Mike Birbiglia isn’t a movie star, but he’s incredibly likable, and incredibly talented at timing his tales. I think I loved his car soliloquies the most, indie-movie as they were, because they showed off his true comedian self, a dude who makes light of the darkest points in his life.


I’ve been listening to other comedy podcasts

Several short days ago, I wrote about my love-hate relationship with The Nerdist podcast and, specifically, with Chris Hardwick as its loudmouthed host. I’m happy and Emersonially proud to state that I have changed my mind. Well, sort of. The point is that The Nerdist is now my favorite comedy podcast. I love Matt, Jonah, and Chris, and I will continue to listen—and potentially be their only female and/or twentysomething listener. Dig it.

Why this change of heart? It’s simple, really. Comparatively speaking, Chris Hardwick is the most fair and balanced comedy podcast host I’ve listened to thus far. I realize I’m not a longtime podcast listener, so there’s a really good chance that I don’t know what I’m talking about. But his arrogance, while overbearing at times, is also part of his charm, and his nerdiness more than makes up for it. The other thing I like about him is how transparent he is about his past alcoholism—he is an open book, and that’s something to respect. Even more awesome is where he draws the line, which is at misogyny. He’s a dude who loves sick jokes but loves women even more, and his comedy reflects that.

Marc Maron and Jimmy Pardo, on the other hand, make me want to punch my newly purchased iPod. The only reason I listen to them is because of the incredible guests they manage to score, despite their rude, disgusting, egomaniacal schticks.

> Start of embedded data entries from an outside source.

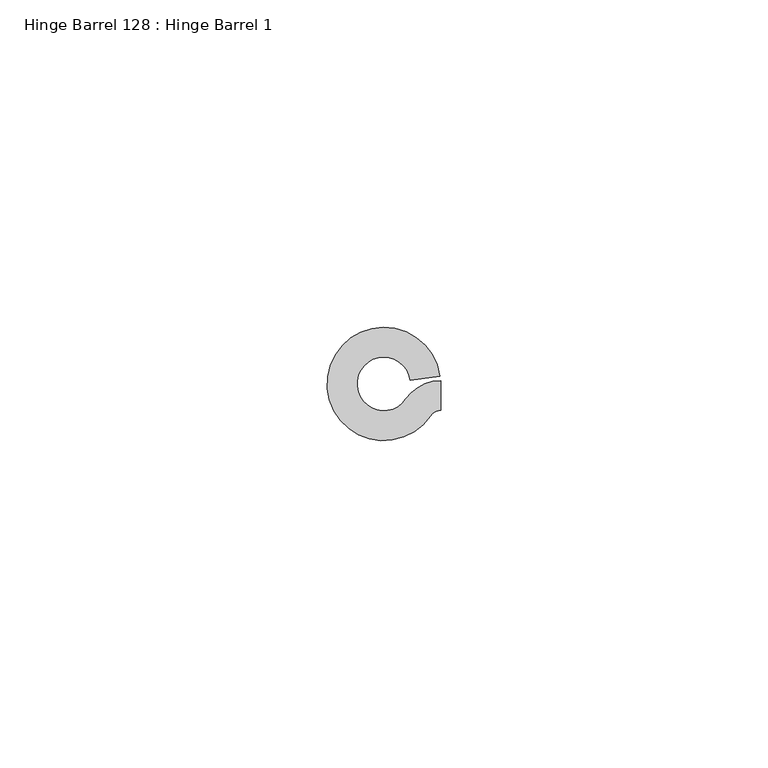
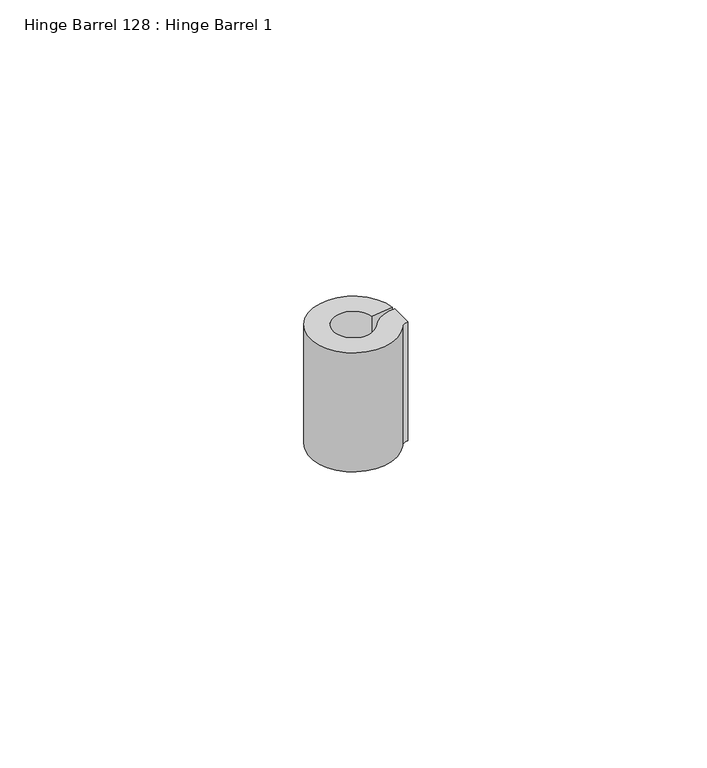
"""IFC4 building model written with IfcOpenShell, lengths in millimetres: proxy geometry, Hinge Barrel 128 : Hinge Barrel 1."""

from ifc_helpers import new_model, si_unit, point, frame, frame_2d, origin, place, context, project, spatial, polyline, circle_curve, trimmed, segment, composite_curve, outline, extrude, source, transform, mapped, element, save


def hinge_barrel_128_hinge_barrel_1_d11eb973(model_context):
    return source(origin(), model_context, "Body", "SweptSolid", [
        extrude(outline(composite_curve([segment(trimmed(circle_curve(frame_2d((587327.8245257, -536316.2443067)), 6.4044851), [point((587322.5194669, -536312.6563017))], [point((587327.8245257, -536309.8398216))], False, "CARTESIAN"), True, "CONTINUOUS"), segment(polyline([(587327.8245257, -536309.8398216), (587327.8245257, -536314.4038841)]), True, "CONTINUOUS"), segment(trimmed(circle_curve(frame_2d((587327.8245257, -536316.2443067)), 1.8404226), [point((587327.8245257, -536314.4038841))], [point((587326.3000393, -536315.2132409))], True, "CARTESIAN"), True, "CONTINUOUS"), segment(trimmed(circle_curve(frame_2d((587319.1320739, -536310.3652841)), 8.6534625), [point((587326.3000393, -536315.2132409))], [point((587327.7022899, -536309.1678654))], False, "CARTESIAN"), True, "CONTINUOUS"), segment(polyline([(587327.7022899, -536309.1678654), (587323.1821338, -536309.7994153)]), True, "CONTINUOUS"), segment(trimmed(circle_curve(frame_2d((587319.1320739, -536310.3652841)), 4.0894), [point((587323.1821338, -536309.7994153))], [point((587322.5194669, -536312.6563017))], True, "CARTESIAN"), True, "CONTINUOUS")], self_intersect=False)), frame((0.0, 0.0, 336.55), z_axis=(0.0, 0.0, 1.0), x_axis=(1.0, 0.0, 0.0)), (0.0, 0.0, 1.0), 25.4),
    ])


if __name__ == "__main__":
    model = new_model("IFC4")
    model_context = context("Model", 3, world=origin())
    ifc_project = project(units=[si_unit("LENGTHUNIT", "METRE", prefix="MILLI")], contexts=[model_context])
    site = spatial("IfcSite", under=ifc_project)
    building = spatial("IfcBuilding", under=site)
    placement = place(None, origin())
    hinge_barrel_128_hinge_barrel_1_shape = hinge_barrel_128_hinge_barrel_1_d11eb973(model_context)
    element("IfcBuildingElementProxy", 1, Name="Hinge Barrel 128 : Hinge Barrel 1", ObjectType="Hinge Barrel 128 : Hinge Barrel 1", at=placement, inside=building, context=model_context, shape_type="MappedRepresentation", body=[
        mapped(hinge_barrel_128_hinge_barrel_1_shape, transform((0.0, 0.0, 0.0), x_axis=(1.0, 0.0, 0.0), y_axis=(0.0, 1.0, 0.0), z_axis=(0.0, 0.0, 1.0))),
    ])
    save(model, "model.ifc")

# Revit data of these elements
# Element 1 (IfcBuildingElementProxy, "Hinge Barrel 128 : Hinge Barrel 1")
#   Materials on its faces: "6\"X6\" WELD-ON STL BUTT HINGE"
# Materials
#   "6\"X6\" WELD-ON STL BUTT HINGE": class "Metal", colour RGB 189 187 185, transparency 0, Description = "Carbon steel", Cost = 0

Maron is less offensive than Pardo; at least Maron shuts up and lets his guests talk (after a 10-minute, unfunny rant at the beginning of each podcast episode). But Jimmy Pardo is really the worst. He loves the sound of his own voice so much that he’ll fill dead air on the podcast with his nasally “uhhhh” as he’s trying to come up with something inevitably stupid to say. I wish he’d close up shop and let his sidekick do more of the talking. Oh, and maybe let his guests get a word in edgewise, too.

I’ve also been listening to Pop My Culture, per the recommendation of Nathan Fillion on the Nerdist podcast, and Doug Loves Movies. I have to say that Pop My Culture is generally pleasant, with its random questions and lighthearted theme, but Cole Stratton can sometimes take on Chris Hardwick’s know-it-all stance and it grates on me. Vanessa Ragland, on the other hand, is delightful. Generally, though, I enjoy this podcast because it’s endlessly creative, and it seems like the guests are having a nice time shooting the shit. Doug Loves Movies is hilarious, and I’d love to attend a live taping of it at some point. Doug Benson gathers 3-5 celebrities in a room, plays the Leonard Maltin game with them (a quiz show of his own making), and lets them run wild. The Swardson/Kroll/Hardwick episode is hysterical. Just saying.

So there you have it, folks. I’ve made the foray into podcasting, and this is what I have to say for myself. What say ye?